Right now, Munir stands at the intersection of ambition, anxiety, and expectation. He has the rank. He has the runway. He may even have the resolve to recalibrate civil-military relations.
But none of it will matter if the system doesn’t evolve with the ceremony and pomp.
The fault lines are already forming. His tenure may stretch long—but fractures within the ranks could shorten it fast. His popularity has momentum—but momentum bleeds when the public sees no material change, and when the ranks start gossiping in front of the file.
His erasure of Imran Khan might feel tactically sound for people like Finance Minister Mohammad Aurungzeb, whom I bumped into at the Harvard Pakistan Conference last month, and who snubbed my concern about Munir’s legitimacy by comparing him to Singapore’s Lee Kuan Yew, praising him for his “timely and required pragmatism”—but it risks internal political combustion. Abroad, Munir’s image is being authored by adversaries, not allies. And at home, beneath the latest PR gloss, the armed forces remain doctrinally stale and strategically slow.
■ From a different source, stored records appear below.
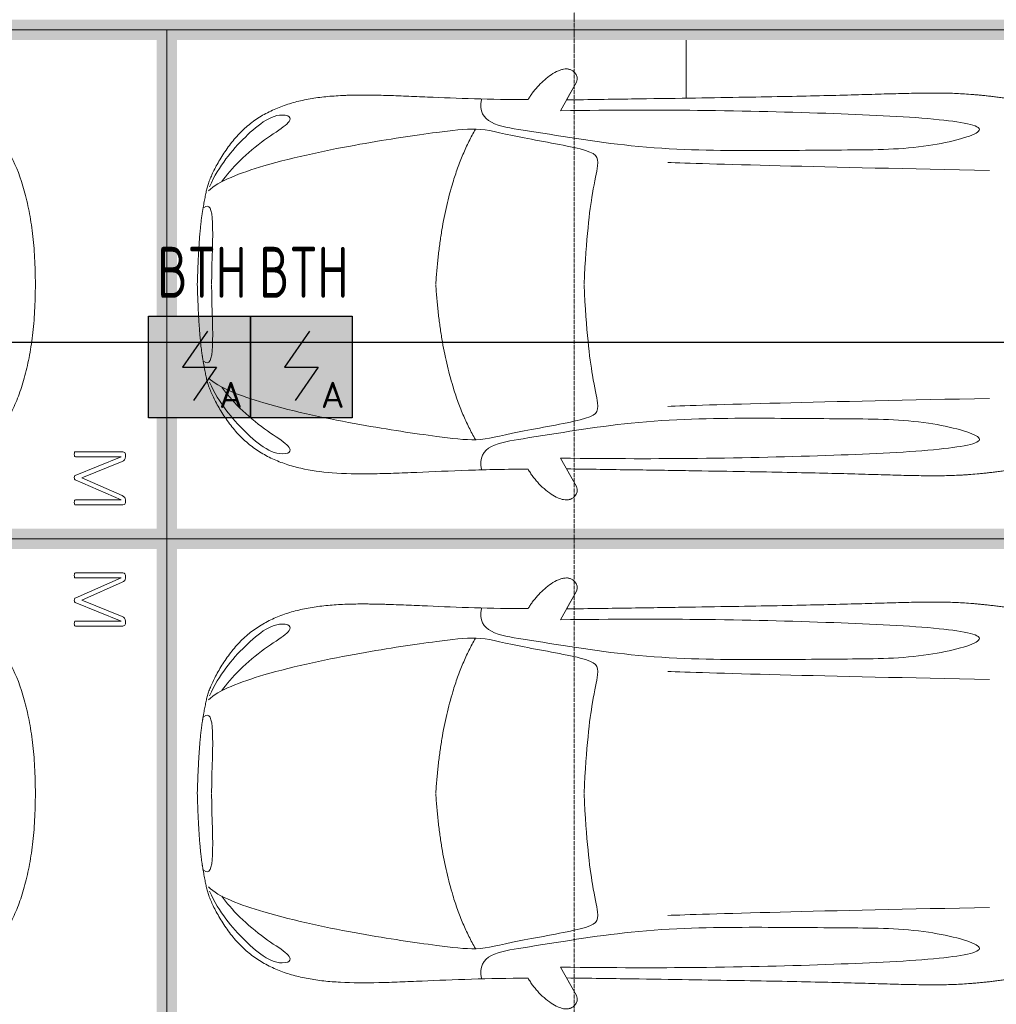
# Model space of a CAD drawing. Header units: millimetres. Extents: x -135639 to 224623, y -383017 to -59102.
# Tile 227 of 256: x 89471 to 94267, y -252601 to -247766. Entities that reach past the tile are written whole.
import ezdxf
from ezdxf.enums import TextEntityAlignment as Align

# ---------------------------------------------------------------- set-up
doc = ezdxf.new("R2010")
doc.units = ezdxf.units.MM
doc.linetypes.add('CONTINOUS', pattern=[0])
doc.linetypes.add('Линия сетки', pattern=[25, 20, -2.5, 0, -2.5])
for name, color, linetype, lineweight in [('A-000-M_MASS', 7, 'Continuous', 18), ('C-953-M_PARKING', 7, 'Continuous', 18), ('S-160-M_FOUND', 7, 'Continuous', 18), ('Z-030-M_GRID', 7, 'Continuous', 9), ('ПС', 7, 'Continuous', 40), ('СС-011-ПОЖ-СИГНАЛИЗАЦИЯ', 1, 'Continuous', 30)]:
    doc.layers.add(name, color=color, linetype=linetype, lineweight=lineweight)
doc.styles.add('1111', font='isocpeur.ttf')

# ---------------------------------------------------------------- blocks, each defined once
blk = doc.blocks.new('A_PAR_Parking - M-2663509-B2_-11_400_')
at = {"layer": 'C-953-M_PARKING', "true_color": 0xf7f9fb}
blk.add_hatch(color=7, dxfattribs=at).paths.add_polyline_path([(-1300, 2650), (-1300, -2700), (1300, -2700), (1300, 2650), (1200, 2650), (1200, -2600), (-1200, -2600), (-1200, 2650)])
at = {"layer": 'A-000-M_MASS', "color": 253, "true_color": 0xaaaaaa}
for points, knots in [([(0, -2003.8), (-45, -2003.7), (-131.8, -2001.4), (-251.9, -1990.7), (-361.8, -1973.6), (-461.5, -1950.2), (-550.8, -1921), (-629.5, -1886.4), (-686.2, -1853.3), (-726.1, -1824.5), (-753.4, -1801.8), (-773.8, -1781.9), (-788.8, -1765.5), (-799.4, -1753.1), (-809.5, -1740.4), (-818.9, -1727.5), (-827.7, -1714.4), (-836.1, -1701.2), (-843.9, -1687.9), (-851.2, -1674.4), (-857.9, -1660.8), (-864.3, -1647.2), (-870.2, -1633.6), (-875.7, -1619.8), (-880.7, -1606), (-885.4, -1592.2), (-889.8, -1578.4), (-893.7, -1564.6), (-897.4, -1550.8), (-900.7, -1537.2), (-903.9, -1523.6), (-906.6, -1510.1), (-909.2, -1496.6), (-911.6, -1483.4), (-913.8, -1470.2), (-915.7, -1457.2), (-917.5, -1444.4), (-919.2, -1431.8), (-920.9, -1419.4), (-922.8, -1403.2), (-925.1, -1383.5), (-927.6, -1360.8), (-929.8, -1338.8), (-931.7, -1317.6), (-934, -1290), (-936.3, -1256.7), (-938.2, -1217.6), (-939.4, -1178.6), (-940, -1138.8), (-940, -1097.3), (-939.4, -1038.8), (-937.7, -958.2), (-934.4, -846), (-930.5, -714.1), (-926.5, -558.6), (-922.7, -375.9), (-918.9, -163.4), (-914.9, 81.7), (-911.4, 315.4), (-908.5, 521.3), (-906.9, 630.9), (-906.1, 687.4)], [-1, -1, -1, -1, -0.97619, -0.952381, -0.928571, -0.904762, -0.880952, -0.857143, -0.833333, -0.821429, -0.809524, -0.797619, -0.791667, -0.785714, -0.779762, -0.77381, -0.767857, -0.761905, -0.755952, -0.75, -0.744048, -0.738095, -0.732143, -0.72619, -0.720238, -0.714286, -0.708333, -0.702381, -0.696429, -0.690476, -0.684524, -0.678571, -0.672619, -0.666667, -0.660714, -0.654762, -0.64881, -0.642857, -0.636905, -0.630952, -0.619048, -0.607143, -0.595238, -0.583333, -0.571429, -0.547619, -0.52381, -0.5, -0.47619, -0.452381, -0.428571, -0.380952, -0.333333, -0.285714, -0.238095, -0.190476, -0.142857, -0.095238, -0.047619, -0.02381, 0, 0, 0, 0]), ([(906.1, 687.4), (906.9, 630.9), (908.5, 521.3), (910.7, 366.9), (912.8, 221.9), (915.6, 40.8), (918.9, -163.4), (922.7, -375.9), (926.5, -558.6), (929.8, -688.2), (932.5, -780), (934.3, -843.5), (936, -902.1), (937.5, -956.3), (938.7, -1006.6), (939.6, -1053.4), (940, -1097.3), (940, -1138.8), (939.4, -1178.6), (938.2, -1217.6), (936.3, -1256.7), (934, -1290), (931.7, -1317.6), (929.8, -1338.8), (927.6, -1360.8), (925.1, -1383.5), (922.8, -1403.2), (920.9, -1419.4), (919.2, -1431.8), (917.5, -1444.4), (915.7, -1457.2), (913.8, -1470.2), (911.6, -1483.4), (909.2, -1496.6), (906.6, -1510.1), (903.9, -1523.6), (900.7, -1537.2), (897.4, -1550.8), (893.7, -1564.6), (889.8, -1578.4), (885.4, -1592.2), (880.7, -1606), (875.7, -1619.8), (870.2, -1633.6), (864.3, -1647.2), (857.9, -1660.8), (851.2, -1674.4), (843.9, -1687.9), (836.1, -1701.2), (827.7, -1714.4), (818.9, -1727.5), (809.5, -1740.4), (799.4, -1753.1), (788.8, -1765.5), (773.8, -1781.9), (753.4, -1801.8), (726.1, -1824.5), (686.2, -1853.3), (606.8, -1899.6), (494.8, -1942.4), (361.8, -1973.6), (251.9, -1990.7), (131.8, -2001.4), (45, -2003.7), (0, -2003.8)], [-1, -1, -1, -1, -0.97619, -0.952381, -0.928571, -0.904762, -0.857143, -0.809524, -0.761905, -0.714286, -0.690476, -0.666667, -0.642857, -0.619048, -0.595238, -0.571429, -0.547619, -0.52381, -0.5, -0.47619, -0.452381, -0.428571, -0.416667, -0.404762, -0.392857, -0.380952, -0.369048, -0.363095, -0.357143, -0.35119, -0.345238, -0.339286, -0.333333, -0.327381, -0.321429, -0.315476, -0.309524, -0.303571, -0.297619, -0.291667, -0.285714, -0.279762, -0.27381, -0.267857, -0.261905, -0.255952, -0.25, -0.244048, -0.238095, -0.232143, -0.22619, -0.220238, -0.214286, -0.208333, -0.202381, -0.190476, -0.178571, -0.166667, -0.142857, -0.095238, -0.071429, -0.047619, -0.02381, 0, 0, 0, 0])]:
    blk.add_open_spline(points, degree=3, knots=knots, dxfattribs=at)
at = {"layer": 'C-953-M_PARKING', "color": 253, "true_color": 0xaaaaaa}
for p, q in [((1250, 2650), (1250, -2650)), ((822.6, -2197.9), (822.1, -2200.1)), ((822.1, -2200.1), (822.1, -2433.8)), ((824.5, -2196.4), (822.6, -2197.9)), ((822.6, -2197.9), (824.5, -2196.4)), ((828.2, -2195.4), (824.5, -2196.4)), ((824.5, -2196.4), (828.2, -2195.4)), ((833.8, -2195), (828.2, -2195.4)), ((839.8, -2195.4), (833.8, -2195)), ((843.6, -2196.4), (839.8, -2195.4)), ((839.8, -2195.4), (843.6, -2196.4)), ((845.7, -2197.9), (843.6, -2196.4)), ((843.6, -2196.4), (845.7, -2197.9)), ((846.5, -2200.1), (845.7, -2197.9)), ((938, -2198.7), (846.5, -2425.3)), ((846.5, -2425.3), (846.5, -2200.1)), ((939, -2197.3), (938, -2198.7)), ((938, -2198.7), (939, -2197.3)), ((941, -2196.1), (939, -2197.3)), ((939, -2197.3), (941, -2196.1)), ((944.2, -2195.3), (941, -2196.1)), ((941, -2196.1), (944.2, -2195.3)), ((948.9, -2195), (944.2, -2195.3)), ((944.2, -2195.3), (948.9, -2195)), ((953.2, -2195.3), (948.9, -2195)), ((948.9, -2195), (953.2, -2195.3)), ((956.4, -2196.1), (953.2, -2195.3)), ((953.2, -2195.3), (956.4, -2196.1)), ((958.5, -2197.3), (956.4, -2196.1)), ((956.4, -2196.1), (958.5, -2197.3)), ((959.7, -2198.7), (958.5, -2197.3)), ((958.5, -2197.3), (959.7, -2198.7)), ((1058.6, -2425.3), (959.7, -2198.7)), ((1059.2, -2197.9), (1058.6, -2200.1)), ((1058.6, -2200.1), (1058.6, -2425.3)), ((1061.1, -2196.4), (1059.2, -2197.9)), ((1059.2, -2197.9), (1061.1, -2196.4)), ((1064.9, -2195.4), (1061.1, -2196.4)), ((1061.1, -2196.4), (1064.9, -2195.4)), ((1070.4, -2195), (1064.9, -2195.4)), ((1076.3, -2195.4), (1070.4, -2195)), ((1080, -2196.4), (1076.3, -2195.4)), ((1076.3, -2195.4), (1080, -2196.4)), ((1082.1, -2197.9), (1080, -2196.4)), ((1080, -2196.4), (1082.1, -2197.9)), ((1082.7, -2200.1), (1082.1, -2197.9)), ((1082.1, -2197.9), (1082.7, -2200.1)), ((1082.7, -2433.8), (1082.7, -2200.1)), ((869.4, -2430.3), (950, -2231.9)), ((950, -2231.9), (1037.2, -2429.5)), ((822.1, -2433.8), (825.8, -2443.3)), ((825.8, -2443.3), (833.1, -2445.9)), ((833.1, -2445.9), (846, -2445.9)), ((846, -2445.9), (854.6, -2444.9)), ((854.6, -2444.9), (861.1, -2441.8)), ((861.1, -2441.8), (865.9, -2436.9)), ((865.9, -2436.9), (869.4, -2430.3)), ((1037.2, -2429.5), (1041.4, -2437.3)), ((1041.4, -2437.3), (1046.1, -2442.4)), ((1046.1, -2442.4), (1051.3, -2445.1)), ((1051.3, -2445.1), (1057.5, -2445.9)), ((1057.5, -2445.9), (1071.8, -2445.9)), ((1071.8, -2445.9), (1075.5, -2445.3)), ((1075.5, -2445.3), (1071.8, -2445.9)), ((1075.5, -2445.3), (1079, -2443.3)), ((1079, -2443.3), (1075.5, -2445.3)), ((1079, -2443.3), (1081.6, -2439.5)), ((1081.6, -2439.5), (1079, -2443.3)), ((1081.6, -2439.5), (1082.7, -2433.8)), ((1250, -2650), (-1250, -2650))]:
    blk.add_line(p, q, dxfattribs=at)
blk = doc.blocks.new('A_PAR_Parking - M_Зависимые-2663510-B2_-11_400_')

This isn’t a time for grandiose parades or revisionist myth-making. Sure, ISPR can contract out the latest drama series to HUM TV, where Mahira Khan can embellish her patriotic credentials and challenge India, this time in a PAF uniform. But on the adult’s table, it’s time for clarity, and for dispassionate, professional reform within the armed forces, as well as for strategic realignment of the civil-military and economic order. Parades can impress. PowerPoints can dazzle. But when the next crisis comes—and it will, because Modi’s promised it—optics won’t hold the line. Preparedness will.
Crucially, Munir must resist the seduction of legacy by optics. He must repair—not just command—GHQ. Rebuild trust across civilian power centers. And reintroduce himself to the world—not as a throwback to Zia, but as a forward-facing modernist in an unstable region.
The rank of Field Marshal is borrowed from history. But the mission demands that it must operationalized for the future.
Because if this rank becomes just another ceremonial awning on an already top-heavy military edifice, we will collapse under the weight of the next crisis.
Pakistan doesn’t need another five-star general to echo what it is.
It needs one who can imagine what it could be.
If Munir pulls that off, he might just restore credibility to the cloth.
If not—Pakistan’s mirror of history is already polished, and also resplendent with self-inflicted cracks.
It all sounds so good, on paper, at least. All these suggestions and advice, but it all falls on deaf ears, you know? They won’t pay heed to any of it. Want to know why? Because just look at how he came into power, the road he walked, the people he shrewdly puppeteered to get where he is now, and where he's heading. Khan and the public don’t factor into that at all.
He’s going to escalate the tensions even further. He won’t give up, he’ll only stand down if he’s forced to. Right now, he’s soaring high, much like Icarus, feeling invincible, like a god, flying too close to the sun. And he’ll realize too late what he’s done.
SPOT ON!!!it sounds like Munir “mari jind mari jan”😋 has a lot on his plate, and simply staying in power isn't enough for him to be a good leader for Pakistan.